Certifications and Accreditations

Unless expressly set forth on Seller’s sales order, Seller makes no representation or warranty that it is certified or accredited by any organization, including, without limitation, the International Organization for Standardization (ISO).

Export Control

Products supplied hereunder may be subject to various export laws and regulations. It is the responsibility of the exporter to comply with all such laws and regulations. Notwithstanding any other provision in the Contract to the contrary, in the event that U.S. or local law requires export authorization for the export or re-export of any products or associated technology, no delivery can be made until such export authorization is obtained, regardless of any otherwise promised delivery date. In the event that any required export authorization is denied, Seller and Seller’s supplier will be relieved of any further obligation relative to the sale and delivery of the products subject to such denial without liability of any kind relative to Buyer or any other party.
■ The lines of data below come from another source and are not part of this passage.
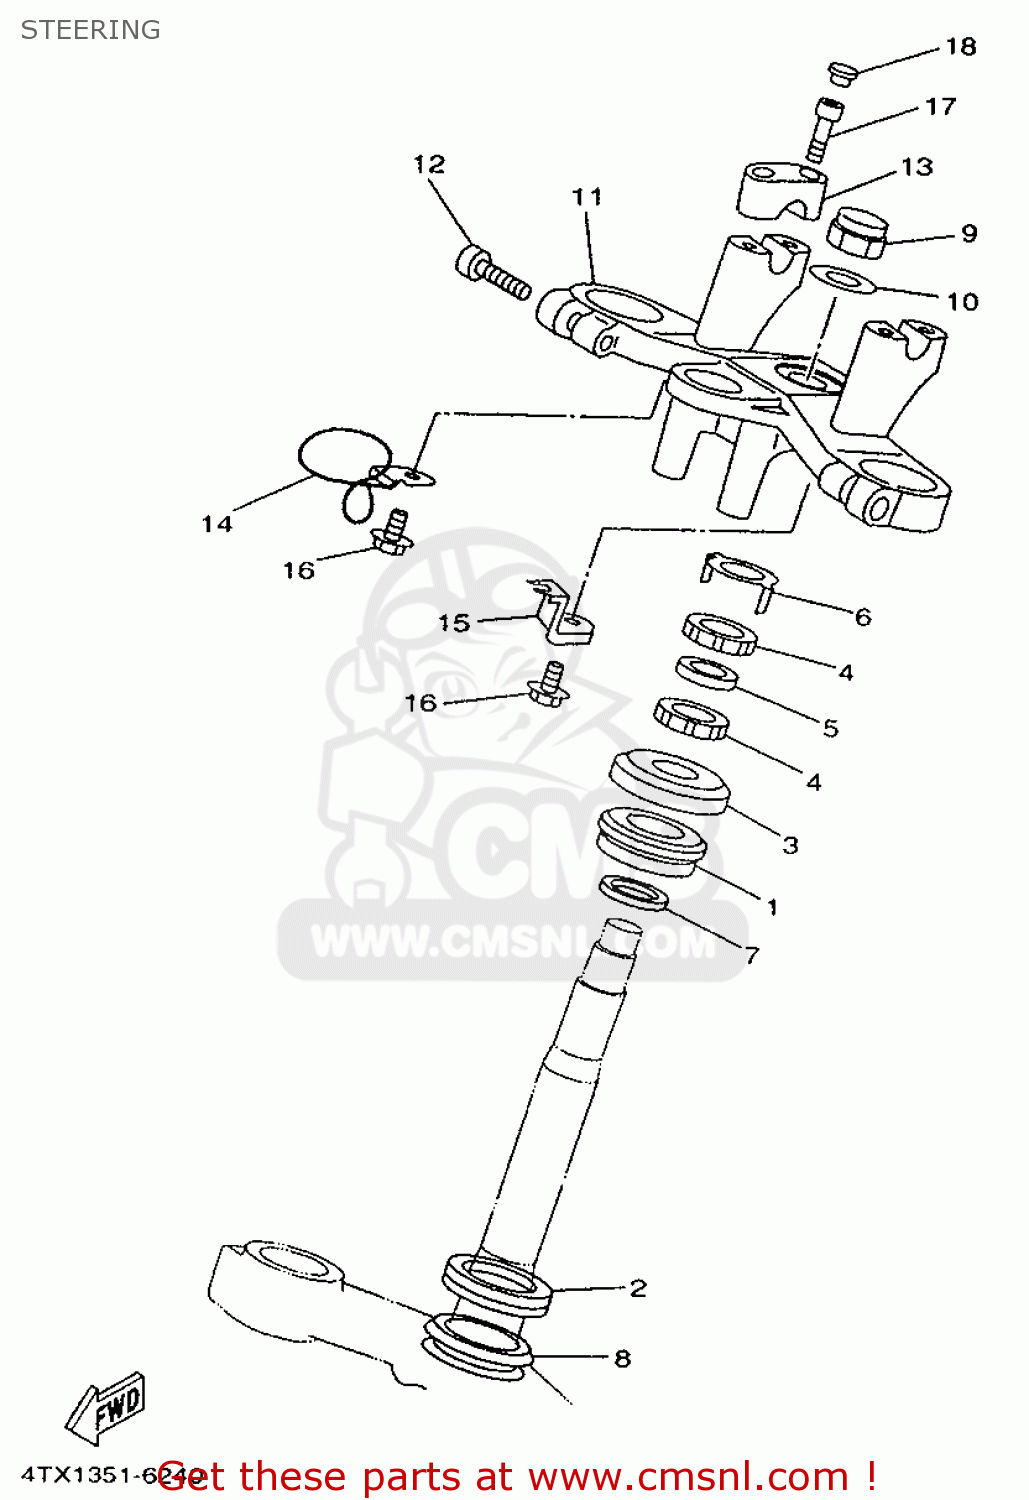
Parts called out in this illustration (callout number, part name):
01	BEARING(3FV)
02	BEARING(3FV)
03	COVER, BALL RACE 2
04	NUT 1372345400
05	WASHER, PLATE (26H)
06	WASHER, SPECIAL
07	WASHER, PLATE(3FV)
08	SEAL, STEERING
09	NUT, CROWN(4FM)
10	WASHER, PLATE(4FM)
11	CROWN, HANDLE
12	BOLT,SOCKET
13	HOLDER, HANDLE UPPER
14	GUIDE, CABLE
15	HOLDER, WIRE
16	BOLT, FLANGE
17	BOLT,SOCKET
18	PLUG(42X)
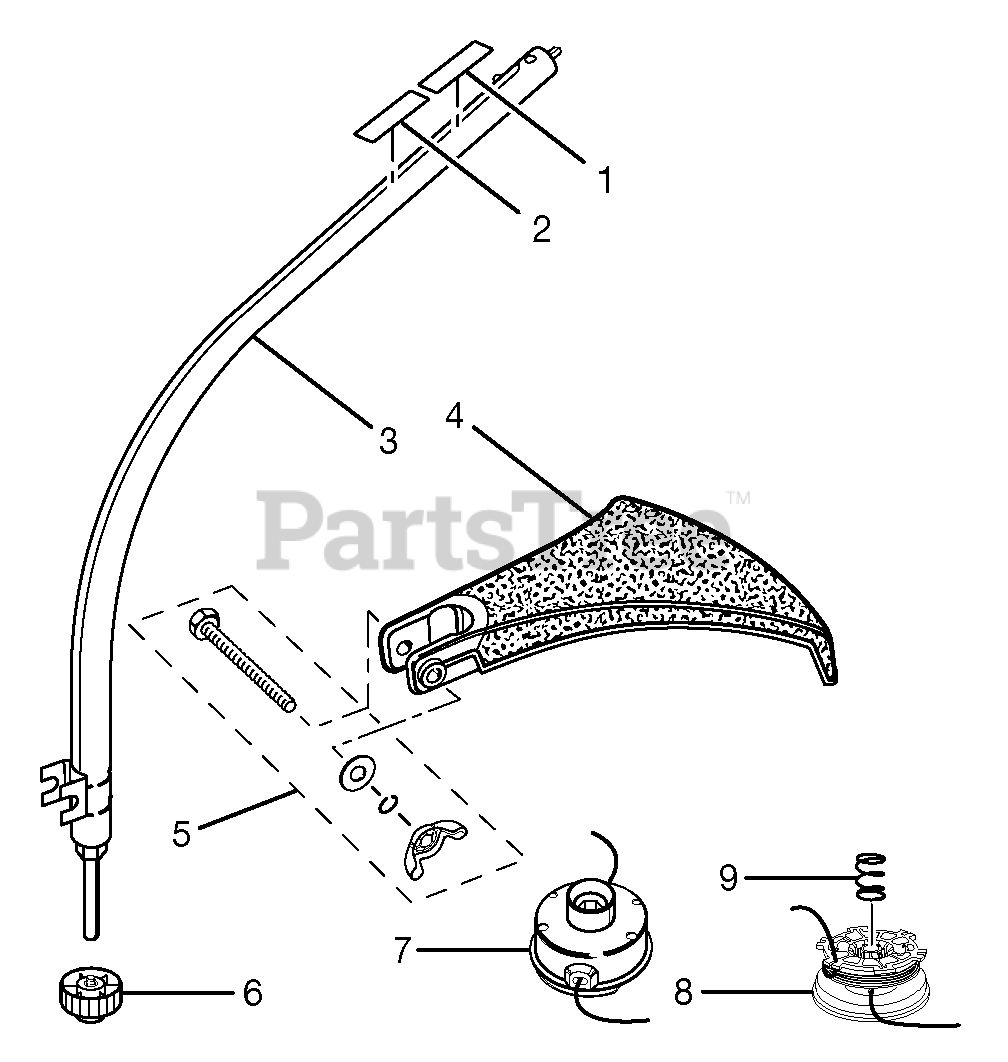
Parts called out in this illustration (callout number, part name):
1	Expand-it Label
2	Warning Decal
3	Curved Shaft Assembly
4	Grass Deflector
5	Fastener Kit
6	Spool Retainer (Black)
7	Complete String Head (.080 in.)
8	Spool and String (.080 in.)
9	Compression Spring
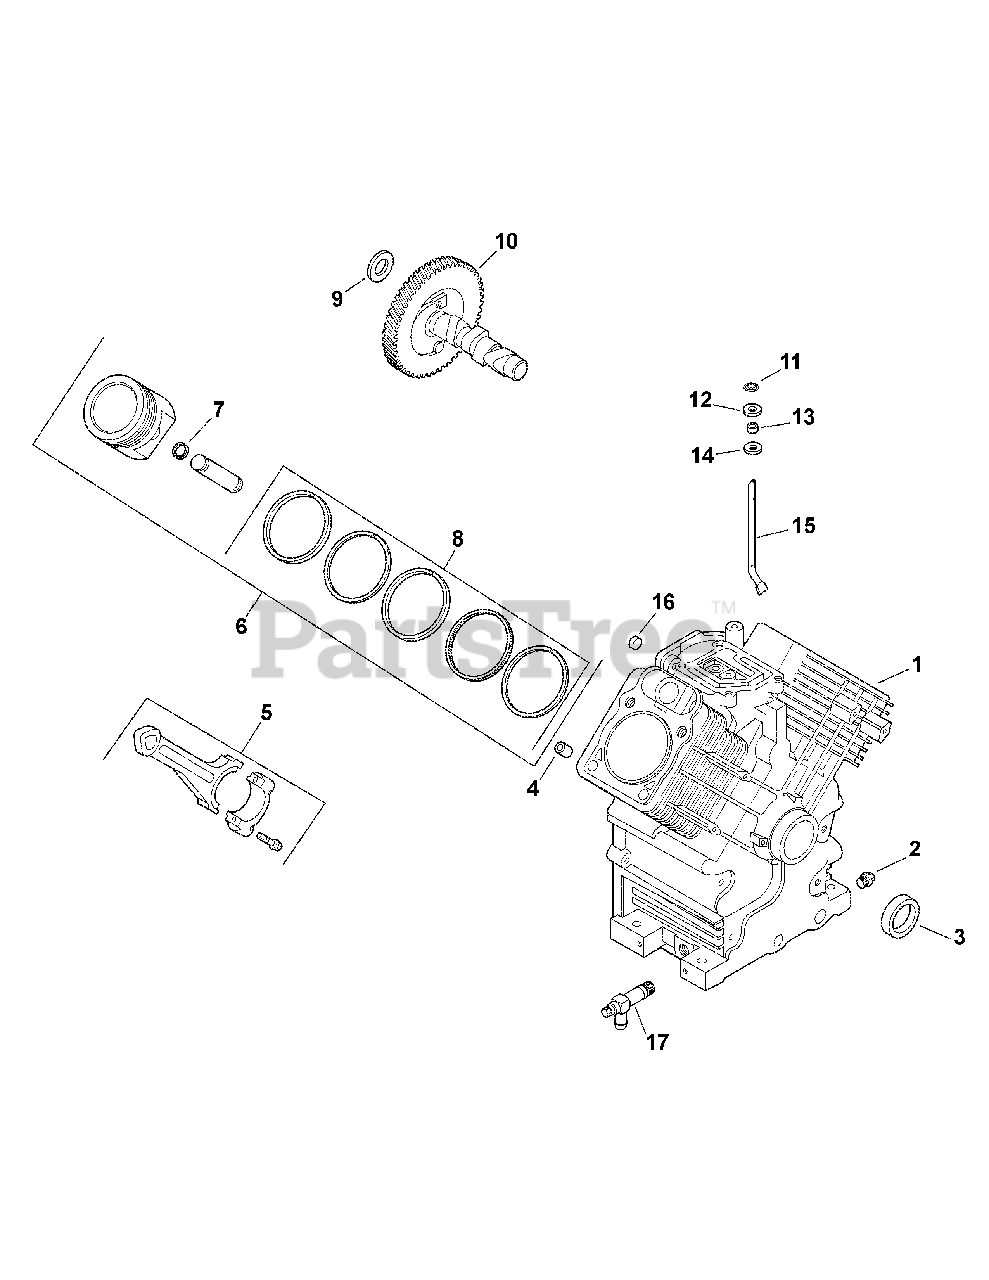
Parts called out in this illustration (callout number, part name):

Seller will not comply with boycott related requests except to the extent permitted by U.S. law and then only at Seller’s discretion.

General

Any failure of Seller to insist upon strict performance of any term of this Contract shall not be construed as a waiver of its right to strict performance thereafter. This Contract shall be governed by the laws of the State of Michigan, USA, without regard to conflicts of laws principles of such State. Seller and Buyer hereby agree that any legal proceeding with respect to the Contract shall be brought only in a court of the State of Michigan or in a court of the United States sitting in Michigan, and both Seller and Buyer submit to and accept generally and unconditionally the personal jurisdiction of those courts with respect to their person and property. THE PARTIES KNOWINGLY, VOLUNTARILY AND INTENTIONALLY WAIVE ANY RIGHT THAT THEY MAY HAVE TO A TRIAL BY JURY, THIS WAIVER BEING A MATERIAL INDUCEMENT FOR THE PARTIES TO ENTER INTO THE CONTRACT. The parties agree that these limits of liability shall survive and continue in full force and effect despite any termination or expiration of the Contract between Seller and Buyer. Any action by Buyer against Seller must be commenced within one year after the cause of action has accrued. The Contract sets forth the entire understanding and agreement between the parties with respect to the subject matter hereof and cancels and supersedes all prior agreements, understandings, representations or promises, whether oral or written, between the parties.